== DATASET ENTRIES ==

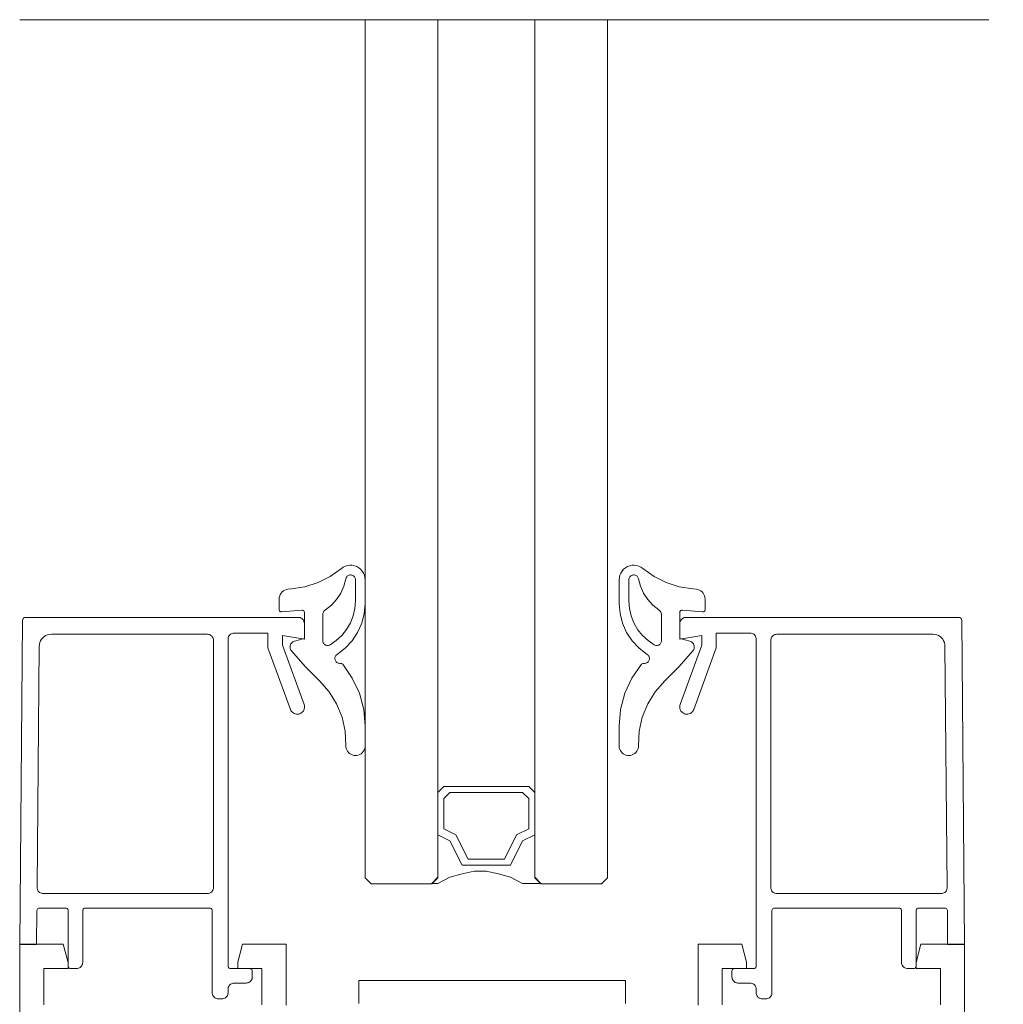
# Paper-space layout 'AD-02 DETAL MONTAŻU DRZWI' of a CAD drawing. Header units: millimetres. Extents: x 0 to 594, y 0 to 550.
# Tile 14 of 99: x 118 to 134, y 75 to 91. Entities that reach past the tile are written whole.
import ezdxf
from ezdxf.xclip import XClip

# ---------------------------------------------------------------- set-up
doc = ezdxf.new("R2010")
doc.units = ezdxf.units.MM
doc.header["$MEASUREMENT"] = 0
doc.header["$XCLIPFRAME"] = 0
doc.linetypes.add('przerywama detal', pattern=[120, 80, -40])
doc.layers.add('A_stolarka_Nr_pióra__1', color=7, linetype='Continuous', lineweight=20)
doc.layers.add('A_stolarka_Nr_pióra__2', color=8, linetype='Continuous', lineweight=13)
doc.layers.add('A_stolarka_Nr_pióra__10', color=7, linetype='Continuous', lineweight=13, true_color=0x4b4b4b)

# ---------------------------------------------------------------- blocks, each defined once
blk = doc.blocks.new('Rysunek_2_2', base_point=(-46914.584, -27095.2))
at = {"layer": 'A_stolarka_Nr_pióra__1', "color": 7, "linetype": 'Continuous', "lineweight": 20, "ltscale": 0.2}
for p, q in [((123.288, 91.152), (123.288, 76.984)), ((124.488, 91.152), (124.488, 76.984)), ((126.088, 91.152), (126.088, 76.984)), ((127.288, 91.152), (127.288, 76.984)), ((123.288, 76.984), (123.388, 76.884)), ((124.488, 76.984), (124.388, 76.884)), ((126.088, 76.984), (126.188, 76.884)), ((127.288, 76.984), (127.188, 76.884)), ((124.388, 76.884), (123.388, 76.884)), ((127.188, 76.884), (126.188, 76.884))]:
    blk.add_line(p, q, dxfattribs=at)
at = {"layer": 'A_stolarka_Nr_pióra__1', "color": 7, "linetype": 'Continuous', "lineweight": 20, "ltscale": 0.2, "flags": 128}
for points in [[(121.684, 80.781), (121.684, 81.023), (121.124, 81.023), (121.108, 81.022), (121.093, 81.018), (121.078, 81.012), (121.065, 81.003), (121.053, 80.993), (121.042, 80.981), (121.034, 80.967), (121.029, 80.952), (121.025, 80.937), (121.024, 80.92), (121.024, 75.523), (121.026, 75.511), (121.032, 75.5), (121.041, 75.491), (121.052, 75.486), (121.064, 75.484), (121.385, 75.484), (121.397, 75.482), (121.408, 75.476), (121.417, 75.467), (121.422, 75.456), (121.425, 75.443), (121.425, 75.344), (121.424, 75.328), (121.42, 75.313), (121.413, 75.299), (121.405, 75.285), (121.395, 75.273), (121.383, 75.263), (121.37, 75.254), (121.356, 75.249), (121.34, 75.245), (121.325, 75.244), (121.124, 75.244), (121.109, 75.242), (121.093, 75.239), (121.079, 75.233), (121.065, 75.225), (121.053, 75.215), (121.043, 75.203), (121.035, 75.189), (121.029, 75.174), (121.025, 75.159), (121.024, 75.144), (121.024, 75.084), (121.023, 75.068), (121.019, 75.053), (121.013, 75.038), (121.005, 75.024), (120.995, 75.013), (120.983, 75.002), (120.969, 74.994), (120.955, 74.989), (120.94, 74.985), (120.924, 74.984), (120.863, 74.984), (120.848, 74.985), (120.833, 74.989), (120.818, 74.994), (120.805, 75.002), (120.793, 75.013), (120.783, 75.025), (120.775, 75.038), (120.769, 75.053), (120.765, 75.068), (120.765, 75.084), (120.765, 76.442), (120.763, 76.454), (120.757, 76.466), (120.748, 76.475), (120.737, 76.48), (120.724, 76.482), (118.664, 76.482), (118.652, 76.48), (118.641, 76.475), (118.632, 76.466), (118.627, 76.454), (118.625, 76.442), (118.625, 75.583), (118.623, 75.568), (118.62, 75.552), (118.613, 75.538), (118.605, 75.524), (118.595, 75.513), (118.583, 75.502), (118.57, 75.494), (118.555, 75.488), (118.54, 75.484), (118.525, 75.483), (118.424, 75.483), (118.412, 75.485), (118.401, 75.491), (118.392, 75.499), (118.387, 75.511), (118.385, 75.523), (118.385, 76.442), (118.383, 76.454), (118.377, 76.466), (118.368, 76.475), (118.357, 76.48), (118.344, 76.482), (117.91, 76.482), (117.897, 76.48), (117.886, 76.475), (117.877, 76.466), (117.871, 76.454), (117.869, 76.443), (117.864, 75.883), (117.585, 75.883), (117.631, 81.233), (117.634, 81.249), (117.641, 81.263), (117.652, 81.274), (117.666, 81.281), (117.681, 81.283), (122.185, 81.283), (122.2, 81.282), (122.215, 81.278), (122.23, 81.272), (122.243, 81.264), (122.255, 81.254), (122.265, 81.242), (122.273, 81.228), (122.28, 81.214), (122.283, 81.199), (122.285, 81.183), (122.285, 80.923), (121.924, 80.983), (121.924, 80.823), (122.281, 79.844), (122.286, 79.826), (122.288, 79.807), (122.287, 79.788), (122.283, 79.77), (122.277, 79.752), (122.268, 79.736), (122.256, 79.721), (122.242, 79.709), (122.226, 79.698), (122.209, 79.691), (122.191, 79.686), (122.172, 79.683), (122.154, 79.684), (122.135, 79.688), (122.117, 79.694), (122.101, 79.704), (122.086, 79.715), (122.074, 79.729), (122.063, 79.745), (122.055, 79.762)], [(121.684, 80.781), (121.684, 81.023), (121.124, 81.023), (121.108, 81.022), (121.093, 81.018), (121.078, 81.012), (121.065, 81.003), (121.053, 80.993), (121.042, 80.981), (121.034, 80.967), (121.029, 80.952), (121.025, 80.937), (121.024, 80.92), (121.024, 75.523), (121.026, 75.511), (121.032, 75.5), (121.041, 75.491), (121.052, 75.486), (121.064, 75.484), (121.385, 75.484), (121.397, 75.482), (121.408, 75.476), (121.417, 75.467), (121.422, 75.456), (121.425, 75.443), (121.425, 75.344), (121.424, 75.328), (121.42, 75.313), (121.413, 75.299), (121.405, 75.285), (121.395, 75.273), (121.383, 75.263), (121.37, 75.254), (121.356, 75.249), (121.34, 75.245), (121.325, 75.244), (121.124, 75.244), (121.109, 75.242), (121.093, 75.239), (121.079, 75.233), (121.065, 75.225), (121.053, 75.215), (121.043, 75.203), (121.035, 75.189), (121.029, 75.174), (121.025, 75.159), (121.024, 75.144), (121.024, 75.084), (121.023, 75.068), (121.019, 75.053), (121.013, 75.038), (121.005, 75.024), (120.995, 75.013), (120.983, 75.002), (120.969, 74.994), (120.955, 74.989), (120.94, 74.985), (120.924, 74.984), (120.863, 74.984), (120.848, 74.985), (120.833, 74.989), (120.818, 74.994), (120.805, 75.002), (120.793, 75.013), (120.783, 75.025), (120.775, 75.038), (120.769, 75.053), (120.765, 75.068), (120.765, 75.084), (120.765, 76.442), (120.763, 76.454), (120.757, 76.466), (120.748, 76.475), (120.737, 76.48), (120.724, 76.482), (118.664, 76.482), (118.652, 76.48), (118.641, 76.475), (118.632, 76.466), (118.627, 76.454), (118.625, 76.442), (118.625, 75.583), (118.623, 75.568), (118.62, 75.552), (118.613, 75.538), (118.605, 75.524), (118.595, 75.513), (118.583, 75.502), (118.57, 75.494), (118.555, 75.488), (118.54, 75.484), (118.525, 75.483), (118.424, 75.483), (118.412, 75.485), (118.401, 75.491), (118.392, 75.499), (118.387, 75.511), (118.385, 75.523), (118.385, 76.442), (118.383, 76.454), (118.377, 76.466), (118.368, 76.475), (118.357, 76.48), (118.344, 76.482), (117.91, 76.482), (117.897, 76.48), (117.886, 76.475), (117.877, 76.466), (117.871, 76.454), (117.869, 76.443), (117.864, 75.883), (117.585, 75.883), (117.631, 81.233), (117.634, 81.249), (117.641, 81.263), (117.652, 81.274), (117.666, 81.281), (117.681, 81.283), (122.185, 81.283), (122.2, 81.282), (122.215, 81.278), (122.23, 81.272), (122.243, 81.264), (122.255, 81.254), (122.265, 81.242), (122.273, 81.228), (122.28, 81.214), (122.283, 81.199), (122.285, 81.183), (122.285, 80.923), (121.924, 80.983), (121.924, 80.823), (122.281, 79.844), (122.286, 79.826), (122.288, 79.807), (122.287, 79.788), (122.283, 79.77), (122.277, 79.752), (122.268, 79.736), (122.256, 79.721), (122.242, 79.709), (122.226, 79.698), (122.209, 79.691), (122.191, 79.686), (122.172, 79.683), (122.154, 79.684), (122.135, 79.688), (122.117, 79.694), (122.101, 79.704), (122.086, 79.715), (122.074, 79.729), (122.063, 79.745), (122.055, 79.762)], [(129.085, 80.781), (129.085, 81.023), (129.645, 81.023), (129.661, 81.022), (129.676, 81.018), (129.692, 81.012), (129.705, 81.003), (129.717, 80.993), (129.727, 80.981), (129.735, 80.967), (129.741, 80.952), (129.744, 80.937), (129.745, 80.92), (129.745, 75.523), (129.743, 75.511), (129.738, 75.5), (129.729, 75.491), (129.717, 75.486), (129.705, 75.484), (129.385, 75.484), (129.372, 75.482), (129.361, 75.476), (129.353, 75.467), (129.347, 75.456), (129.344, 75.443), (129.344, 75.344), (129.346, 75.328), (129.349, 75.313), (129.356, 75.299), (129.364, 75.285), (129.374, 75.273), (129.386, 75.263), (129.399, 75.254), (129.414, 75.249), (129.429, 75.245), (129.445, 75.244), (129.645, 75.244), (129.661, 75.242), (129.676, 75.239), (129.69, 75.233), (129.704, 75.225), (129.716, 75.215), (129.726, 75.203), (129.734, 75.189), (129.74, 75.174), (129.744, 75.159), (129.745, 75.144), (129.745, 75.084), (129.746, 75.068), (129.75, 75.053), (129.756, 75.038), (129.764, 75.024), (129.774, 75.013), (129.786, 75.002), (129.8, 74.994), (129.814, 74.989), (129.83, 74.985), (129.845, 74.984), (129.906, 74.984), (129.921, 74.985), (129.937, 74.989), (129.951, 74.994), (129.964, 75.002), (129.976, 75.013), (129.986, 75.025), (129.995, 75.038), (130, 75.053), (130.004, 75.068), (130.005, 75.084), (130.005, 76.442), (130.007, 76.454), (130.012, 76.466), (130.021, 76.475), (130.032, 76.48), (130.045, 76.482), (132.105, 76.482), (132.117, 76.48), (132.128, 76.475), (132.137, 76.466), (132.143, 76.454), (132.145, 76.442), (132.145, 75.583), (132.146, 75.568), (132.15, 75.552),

===

EXERCISE BRIEF: Give only the number of lines in the entries above that contain the string "units".

WRITTEN SOLUTION: 2